6. The direct current resistance tester of claim 1 wherein said bus control and transceiver in communication with the battery management system is a separate chip or part of a microprocessor; the microprocessor is provided with an interface matched with the bus control and transceiver, an input interface matched with the current detector, an output interface matched with the current setting of the direct current load and a trigger output interface matched with the electronic switch of the direct current load.

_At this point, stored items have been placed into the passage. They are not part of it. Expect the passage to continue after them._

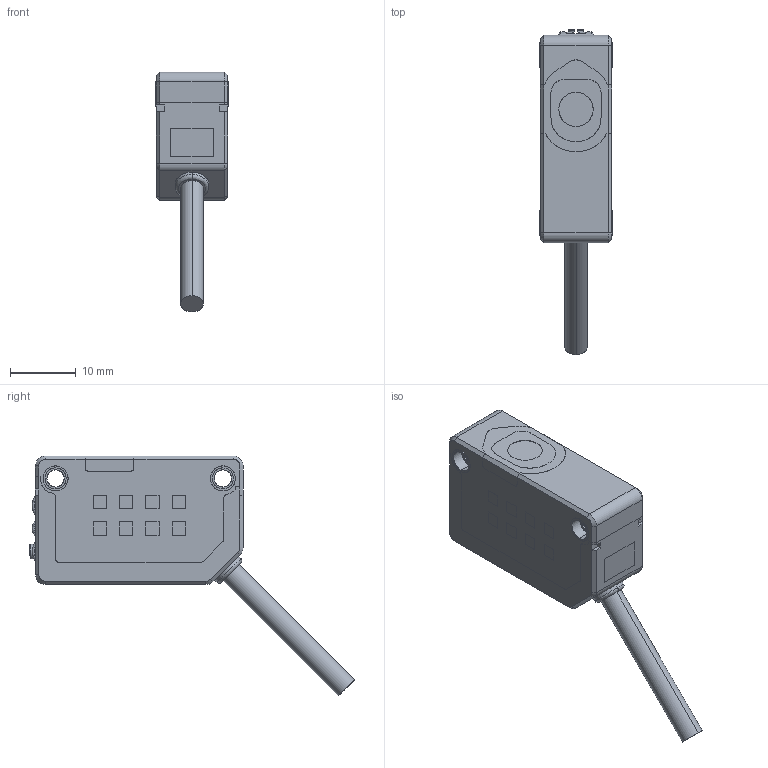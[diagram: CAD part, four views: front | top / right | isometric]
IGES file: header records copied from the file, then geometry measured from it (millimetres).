
Global section: file name: L:\DL_Automation\RES\SIMP_PRJ\SS S3Z\WorkingArea\Disegni 3D-(Parasolid-STEP)\DSD\S3Z T51\S3Z T51_CABLE.igs; native system: NX V10.0; preprocessor: SIEMENS PLM Software NX 10.0; date: 20170421.174122; units: millimetre
Bounding box: 11 x 49.31 x 36.41 mm (x, y, z)
Surface area: 2681.9 mm2 (no closed solid volume)
Topology: 0 solids, 0 shells, 234 faces, 1412 edges, 1412 vertices
Faces by surface type: bspline 234
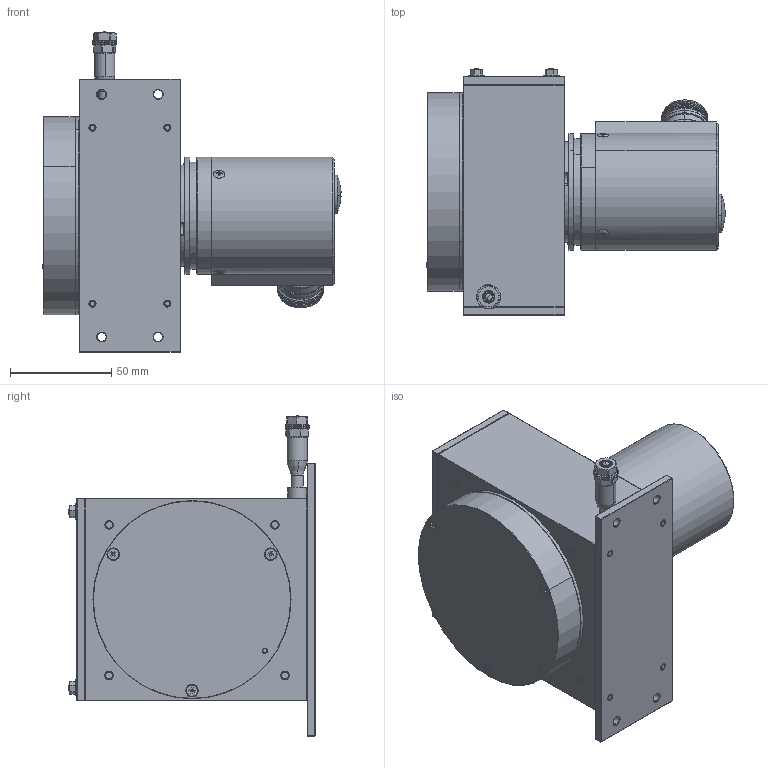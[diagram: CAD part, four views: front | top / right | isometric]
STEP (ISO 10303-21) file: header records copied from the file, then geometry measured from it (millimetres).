
FILE_DESCRIPTION (( 'STEP AP214' ), '1' );
FILE_NAME ('WDS-90A2_04A.A06.STEP', '2025-06-16T12:26:56', ( '' ), ( '' ), 'SwSTEP 2.0', 'SolidWorks 2019', '' );
FILE_SCHEMA (( 'AUTOMOTIVE_DESIGN' ));
Length unit declared in the file: millimetre
Products named in the file (1): WDS-90A2_04A.A06
Bounding box: 147.44 x 122 x 158.42 mm (x, y, z)
Volume: 342352.2 mm3; surface area: 170340.9 mm2
Topology: 1 solids, 19 shells, 2280 faces, 5390 edges, 3214 vertices
Faces by surface type: plane 743, cone 640, cylinder 607, torus 116, bspline 98, sphere 76
Entity records: 101607 total; most frequent: CARTESIAN_POINT 24132, DIRECTION 11539, ORIENTED_EDGE 10626, EDGE_CURVE 5313, AXIS2_PLACEMENT_3D 4666, VERTEX_POINT 3213, EDGE_LOOP 2544, CIRCLE 2483

7. A method for testing the direct current resistance of all the cells in a battery pack, characterized in that the electrodes of the battery pack to be tested are connected to the current detector and the direct current load as claimed in claims 1, 4 and 5 by means of cables; connecting the communication interface of the battery management system as described in claims 1, 2 and 3 to the bus control and transceiver and the microprocessor as described in claims 1 and 6 by wire or wirelessly; setting a sequence combination of a given current value for the direct current load, and setting a corresponding sequence combination of on-off actions for an electronic switch of the direct current load, wherein the closing time of the electronic switch is 0.25 to 60 seconds; meanwhile, the bus control and transceiver and the microprocessor receive and process the communication message of the battery management system; the microprocessor analyzes the related messages to obtain the voltage values of all the single batteries; and the microprocessor calculates the direct current resistance values of all the single batteries according to the change of the current set value and the change of the voltage value.